IN CONVERSATION WITH: GABINO CAMBA
October 2025
This month, I talked with gardener extraordinaire Gabino Camba. It’s incredibly rare to find someone who, all at once, has an incredible amount of the technical knowledge, an almost poetic and spiritual connection to the Earth, and can weave back and forth between the two skill sets to share his knowledge with clients who have varying degrees of exposure to the plant world, and Camba can do all of that and more. In this month’s newsletter I talk with Camba about listening to the land, planting with good energy, and teaching the next generation of gardeners.
5 minute read
Camba in the garden, May 2025
In my 8 years in the plant industry, Camba might be one of the most knowledgeable people I’ve come across. He is a gardener with an unbelievably deep well of plant knowledge, a profound understanding of materiality, and a very strong design eye. I was introduced to him through my mentor, Martha Burke, a fantastic and prolific gardener & garden designer in the East Bay. My first time meeting Camba, he said something that struck me so deeply and gave me great insight into the vast world of garden design I was stepping into. He was teaching me about irrigation systems and was relentlessly patient with me as I asked him question after question, trying to soak up as much knowledge as I could. I thanked him for sharing his expertise with me and he said “It’s so important to teach the next generation how to do it, and how to do it right.” Camba made me feel, for the first time, like I was part of a legacy of people with their hands in the soil, tending to the land.
How did you get into this work? Who taught you about gardening?

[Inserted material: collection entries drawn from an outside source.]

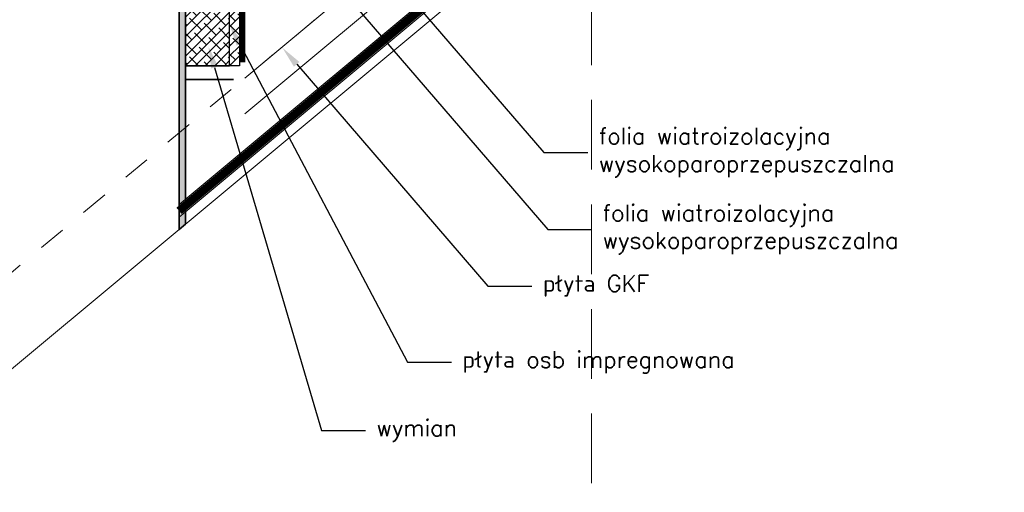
# Model space of a CAD drawing. Header units: millimetres. Extents: x -1427 to 10229, y -1578 to 5221.
# Tile 122 of 129: x 2074 to 2254, y 2369 to 2455. Entities that reach past the tile are written whole.
import ezdxf
from ezdxf import colors
from ezdxf.entities.mleader import LeaderData, LeaderLine
from ezdxf.math import Vec2, Vec3

# ---------------------------------------------------------------- set-up
doc = ezdxf.new("R2010")
doc.units = ezdxf.units.MM
for name, pattern in [('2_3', [1, 0.5, -0.5]), ('CACHE', [9.525, 6.35, -3.175]), ('DASHED', [19.05, 12.7, -6.35])]:
    doc.linetypes.add(name, pattern=pattern)
for name, color, linetype, lineweight in [('!! 0_ Istn-widok', 1, 'Continuous', 15), ('!! 2 _linia hydroizol', 32, 'Continuous', 9), ('!! 2_ remont Ocieplenie', 4, 'ZIGZAG', 5), ('.OPIS', 4, 'Continuous', 13), ('0-linia- drewno przekrój', 23, 'Continuous', 30), ('0_Sciany', 3, 'Continuous', 35), ('Widok', 1, 'Continuous', 15)]:
    doc.layers.add(name, color=color, linetype=linetype, lineweight=lineweight)
doc.styles.add('TXT', font='simplex.shx')
doc.linetypes.add('BATTING', pattern='A,0.00254,-2.54,[134,ltypeshp.shx,S=2.54,R=0,X=-2.54,Y=0],-5.08,[134,ltypeshp.shx,S=2.54,R=180,X=2.54,Y=0],-2.54', length=10.16254)
doc.linetypes.add('ZIGZAG', pattern='A,0.00254,-5.08,[131,ltypeshp.shx,S=5.08,R=0,X=-5.08,Y=0],-10.16,[131,ltypeshp.shx,S=5.08,R=180,X=5.08,Y=0],-5.08', length=20.32254)

msp = doc.modelspace()

# ---------------------------------------------------------------- hatches: boundary and pattern name
h = msp.add_hatch()
h.set_pattern_fill('AR-SAND', color=256, scale=0.25, angle=90, style=0)
h.set_pattern_definition([(127.5, (1940.50325, 2544.66848), (-0.48170594, -0.01574834), [0, -0.38, 0, -0.425, 0, -0.40625]), (97.5, (1940.50325, 2544.6685), (-0.7055365, 0.4424442), [0, -0.205, 0, -0.3425, 0, -0.13125]), (57.5, (1940.50325, 2544.36098), (-0.0014148, 0.7785355), [0, -0.125, 0, -0.45, 0, -0.5875]), (47.5, (1940.50325, 2544.361), (-0.2194189, 0.7515317), [0, -0.0625, 0, -0.295, 0, -0.3375])])
h.paths.add_polyline_path([(2104.68557, 2506.38911), (2103.48557, 2506.38911), (2103.48557, 2416.97201), (2104.68557, 2417.97268)])
h = msp.add_hatch()
h.set_pattern_fill('ANSI38', color=256, scale=10)
h.set_pattern_definition([(45, (1940.5032, 2635.2738), (-0.8838835, 0.8838835), []), (135, (1940.5032, 2635.2738), (-2.6516504, 0.8838835), [3.125, -1.875])])
h.paths.add_polyline_path([(2112.68557, 2506.38911), (2114.48557, 2506.38911), (2114.48557, 2446.81331), (2112.68557, 2446.81331)])
h = msp.add_hatch()
h.set_pattern_fill('ANSI38', color=256, scale=10)
h.set_pattern_definition([(45, (1650.6386, 2254.4053), (-0.8838835, 0.8838835), []), (135, (1650.6386, 2254.4053), (-2.6516504, 0.8838835), [3.125, -1.875])])
h.paths.add_polyline_path([(2104.68557, 2446.81331), (2112.68557, 2446.81331), (2112.68557, 2461.81331), (2104.68557, 2461.81331)])

# ---------------------------------------------------------------- linework, layer by layer
at = {"layer": '!! 0_ Istn-widok'}
for points in [[(2115.48557, 2444.55657), (2602.15021, 2850.3816)], [(2103.48557, 2421.52923), (2602.15021, 2837.36095), (2766.17782, 2700.57988)], [(2103.48557, 2419.23641), (2602.15021, 2835.06813), (2765.05017, 2699.2274)], [(2103.48557, 2416.97201), (2602.15021, 2832.80372), (2763.93649, 2697.89168)], [(1983.48557, 2316.97491), (2103.48557, 2416.97201)]]:
    msp.add_lwpolyline(points, dxfattribs=at)
at = {"layer": '!! 2 _linia hydroizol', "linetype": 'CACHE', "ltscale": 0.3, "const_width": 1.5}
msp.add_lwpolyline([(2103.48557, 2420.38282), (2602.15021, 2836.21454), (2765.614, 2699.90364)], dxfattribs=at)
at = {"layer": '!! 2_ remont Ocieplenie', "linetype": 'BATTING', "ltscale": 0.45}
msp.add_lwpolyline([(2115.48557, 2438.04625), (2602.15021, 2843.87127), (2769.37973, 2704.42016)], dxfattribs=at)
at = {"layer": '.OPIS', "linetype": 'DASHED'}
msp.add_lwpolyline([(1933.98206, 2256.44791), (2178.58636, 2256.44791), (2178.58636, 2616.2389), (1933.98206, 2616.2389)], close=True, dxfattribs=at)
at = {"layer": '0-linia- drewno przekrój'}
for points in [[(2112.68557, 2506.38911), (2114.48557, 2506.38911), (2114.48557, 2446.81331), (2112.68557, 2446.81331)], [(2104.68557, 2446.81331), (2112.68557, 2446.81331), (2112.68557, 2461.81331), (2104.68557, 2461.81331)]]:
    msp.add_lwpolyline(points, close=True, dxfattribs=at)
at = {"layer": '0_Sciany'}
msp.add_lwpolyline([(2104.68557, 2506.38911), (2103.48557, 2506.38911), (2103.48557, 2417.00639), (2104.68557, 2417.97268)], close=True, dxfattribs=at)
for points in [[(2104.68557, 2446.81331), (2112.68557, 2446.81331)], [(2104.68557, 2444.31331), (2113.40809, 2444.31331)]]:
    msp.add_lwpolyline(points, dxfattribs=at)
at = {"layer": 'Widok', "linetype": '2_3', "ltscale": 10}
msp.add_lwpolyline([(2212.8478, 2525.74601), (1976.22035, 2328.49439)], dxfattribs=at)
at = {"layer": 'Widok', "linetype": '2_3', "ltscale": 10, "const_width": 0.9}
msp.add_lwpolyline([(2114.98557, 2506.9809), (2114.98557, 2447.444)], dxfattribs=at)
at = {"layer": 'Widok'}
msp.add_lwpolyline([(2115.48557, 2484.32332), (2115.48557, 2447.444)], dxfattribs=at)

# ---------------------------------------------------------------- leaders
ml = msp.add_multileader_mtext('Standard')
ml.set_content('folia wiatroizolacyjna\\Pwysokoparoprzepuszczalna', color=256, style='TXT')
ml.set_leader_properties()
ml.build(insert=Vec2(0, 0))
ml.multileader.update_dxf_attribs({"text_left_attachment_type": 2, "text_right_attachment_type": 2})
ctx = ml.context
ctx.base_point, ctx.char_height, ctx.plane_origin = Vec3(2182.52987, 2461.60772), 3, Vec3(2157.38868, 2424.95262)
ctx.left_attachment, ctx.right_attachment = 2, 2
notes = []
notes.append((ctx, [(0, (1, 1, 0), (2174.52987, 2461.60772), (1, 0), 8, [(0, [(2139.01081, 2502.01419)], 0, [])])]))
ctx.mtext.insert, ctx.mtext.flow_direction = Vec3(2184.52987, 2466.10772), 5
ml = msp.add_multileader_mtext('Standard')
ml.set_content('folia wiatroizolacyjna\\Pwysokoparoprzepuszczalna', color=256, style='TXT')
ml.set_leader_properties()
ml.build(insert=Vec2(0, 0))
ml.multileader.update_dxf_attribs({"text_left_attachment_type": 2, "text_right_attachment_type": 2})
ctx = ml.context
ctx.base_point, ctx.char_height, ctx.plane_origin = Vec3(2177.91702, 2431.01219), 3, Vec3(2152.77584, 2394.35709)
ctx.left_attachment, ctx.right_attachment = 2, 2
notes.append((ctx, [(0, (1, 1, 0), (2169.91702, 2431.01219), (1, 0), 8, [(0, [(2132.48371, 2474.47086)], 0, [])])]))
ctx.mtext.insert, ctx.mtext.flow_direction = Vec3(2179.91702, 2435.51219), 5
ml = msp.add_multileader_mtext('Standard')
ml.set_content('folia wiatroizolacyjna\\Pwysokoparoprzepuszczalna', color=256, style='TXT')
ml.set_leader_properties()
ml.build(insert=Vec2(0, 0))
ml.multileader.update_dxf_attribs({"text_left_attachment_type": 2, "text_right_attachment_type": 2})
ctx = ml.context
ctx.base_point, ctx.char_height, ctx.plane_origin = Vec3(2178.60719, 2417.00687), 3, Vec3(2153.466, 2380.35177)
ctx.left_attachment, ctx.right_attachment = 2, 2
notes.append((ctx, [(0, (1, 1, 0), (2170.60719, 2417.00687), (1, 0), 8, [(0, [(2133.17387, 2460.46555)], 0, [])])]))
ctx.mtext.insert, ctx.mtext.flow_direction = Vec3(2180.60719, 2421.50687), 5
ml = msp.add_multileader_mtext('Standard')
ml.set_content('płyta osb impregnowana', color=256, style='TXT')
ml.set_leader_properties()
ml.build(insert=Vec2(0, 0))
ml.multileader.update_dxf_attribs({"text_left_attachment_type": 2, "text_right_attachment_type": 2})
ctx = ml.context
ctx.base_point, ctx.char_height, ctx.plane_origin = Vec3(2153.06822, 2392.79658), 3, Vec3(2127.92703, 2356.14148)
ctx.left_attachment, ctx.right_attachment = 2, 2
notes.append((ctx, [(0, (1, 1, 0), (2145.06822, 2392.79658), (1, 0), 8, [(0, [(2112.68557, 2454.31331)], 0, [])])]))
ctx.mtext.insert, ctx.mtext.flow_direction = Vec3(2155.06822, 2394.79658), 5
ml = msp.add_multileader_mtext('Standard')
ml.set_content('wymian', color=256, style='TXT')
ml.set_leader_properties()
ml.build(insert=Vec2(0, 0))
ml.multileader.update_dxf_attribs({"text_left_attachment_type": 2, "text_right_attachment_type": 2})
ctx = ml.context
ctx.base_point, ctx.char_height, ctx.plane_origin = Vec3(2137.4333, 2380.33779), 3, Vec3(2112.29211, 2343.68269)
ctx.left_attachment, ctx.right_attachment = 2, 2
notes.append((ctx, [(0, (1, 1, 0), (2129.4333, 2380.33779), (1, 0), 8, [(0, [(2108.83225, 2450.3473)], 0, [])])]))
ctx.mtext.insert, ctx.mtext.flow_direction = Vec3(2139.4333, 2382.33779), 5
ml = msp.add_multileader_mtext('Standard')
ml.set_content('płyta GKF ', color=256, style='TXT')
ml.set_leader_properties()
ml.build(insert=Vec2(0, 0))
ml.multileader.update_dxf_attribs({"text_left_attachment_type": 2, "text_right_attachment_type": 2})
ctx = ml.context
ctx.base_point, ctx.char_height, ctx.plane_origin = Vec3(2167.72176, 2406.65176), 3, Vec3(2142.58057, 2369.99666)
ctx.left_attachment, ctx.right_attachment = 2, 2
notes.append((ctx, [(0, (1, 1, 0), (2159.72176, 2406.65176), (1, 0), 8, [(0, [(2122.28844, 2450.11044)], 0, [])])]))
ctx.mtext.insert, ctx.mtext.flow_direction = Vec3(2169.72176, 2408.65176), 5
ml = msp.add_multileader_mtext('Standard')
ml.set_content('górna krawędź wiązara z drewna klejonego', color=256, style='TXT')
ml.set_leader_properties()
ml.build(insert=Vec2(0, 0))
ml.multileader.update_dxf_attribs({"text_left_attachment_type": 2, "text_right_attachment_type": 2})
ctx = ml.context
ctx.base_point, ctx.char_height, ctx.plane_origin = Vec3(2034.57639, 2324.66072), 3, Vec3(2009.4352, 2288.00562)
ctx.left_attachment, ctx.right_attachment = 2, 2
notes.append((ctx, [(0, (1, 1, 0), (2026.57639, 2324.66072), (1, 0), 8, [(0, [(2005.97533, 2394.67023)], 0, [])])]))
ctx.mtext.insert, ctx.mtext.flow_direction = Vec3(2036.57639, 2326.66072), 5
for ctx, leaders in notes:
    for number, flags, end, landing, length, lines in leaders:
        leader = LeaderData()
        leader.index, (leader.has_last_leader_line, leader.has_dogleg_vector, leader.attachment_direction) = number, flags
        leader.last_leader_point, leader.dogleg_vector, leader.dogleg_length = Vec3(end), Vec3(landing), length
        for number, points, colour, breaks in lines:
            line = LeaderLine()
            line.index, line.vertices, line.color, line.breaks = number, Vec3.list(points), colors.encode_raw_color(colour), breaks
            leader.lines.append(line)
        ctx.leaders.append(leader)

doc.saveas('drawing.dxf')

“When I was 19, I started working with my uncle doing maintenance on houses and from there, we started doing bigger and bigger projects. The person that really guided me more into gardening was a Dutch landscape designer named Katrine Benninger. She told me that I was a smart young guy and that I should really learn more about plants: what plants grow in sun, in shade. She told me to learn by reading plant labels and start getting to know the plants little by little until I got familiar with all of them” (A tool Camba taught me to rely on in my early days of designing). “It’s so important to really, really get to know the plants.”
What is your approach to gardening and design?
“The way I feel is that when you’re designing or adding plants, you really have to feel the garden. You have to feel the space, what the person you’re working for wants. You have to dream about it a little. Your client tells you an idea about what they want and you go home and you dream about it, you think about it, that way when you’re actually making it, it just comes naturally.”
Camba & crew, May 2025
Something I love is that you and your crew are always laughing and seem to take so much joy in what you do. Can you talk about how important that lightness is to you and how you create that environment for your team?
“As I said when I first met you, it’s very important to teach young people landscaping and how to work with the Earth, because if my generation doesn’t show you how to do it, nobody will be tending to the land. At the same time, the guys are young and really like to have fun and joke around. So it’s about being patient with them- sometimes super patient- because they do need guidance but what I hope is that even one or two of them will just keep going and teach the next generation. It doesn’t matter what age you are when you learn something new, but when you decide you want to do something, it’s important that you have someone to guide you a little.”
How do you keep learning after all these years?
“Well, when you get to know different people that do the same thing that you do, it’s important to see how they relate to the land and what you can learn from that. Martha (Burke) actually talks to trees she’s pruning and says ‘I’m sorry but we’re gonna remove this branch from you to create new life and a great new garden around you.’ She actually talks to the plants and that’s something I took away from working with her. People have all different kinds of feelings about gardening and plants and it’s important to respect those feelings.”
Something I love about you is how considered you are with the energy you put into plants as you plant them. Can you talk a little more about that?
“Plants are living things and they interact with each other and with us. They all need their own space too, they need their own area to grow and to relate to each other. My uncle taught me that it’s really important to dig big holes with enough nutrients, and mix the new nutrients with the Earth they are going to be living in, to give them the best chance to grow.
It’s very, very important to do it with love. To plant with love. I believe that plants can feel when you put in the work to make them happy. Do it because you want to do it. Do it with passion.”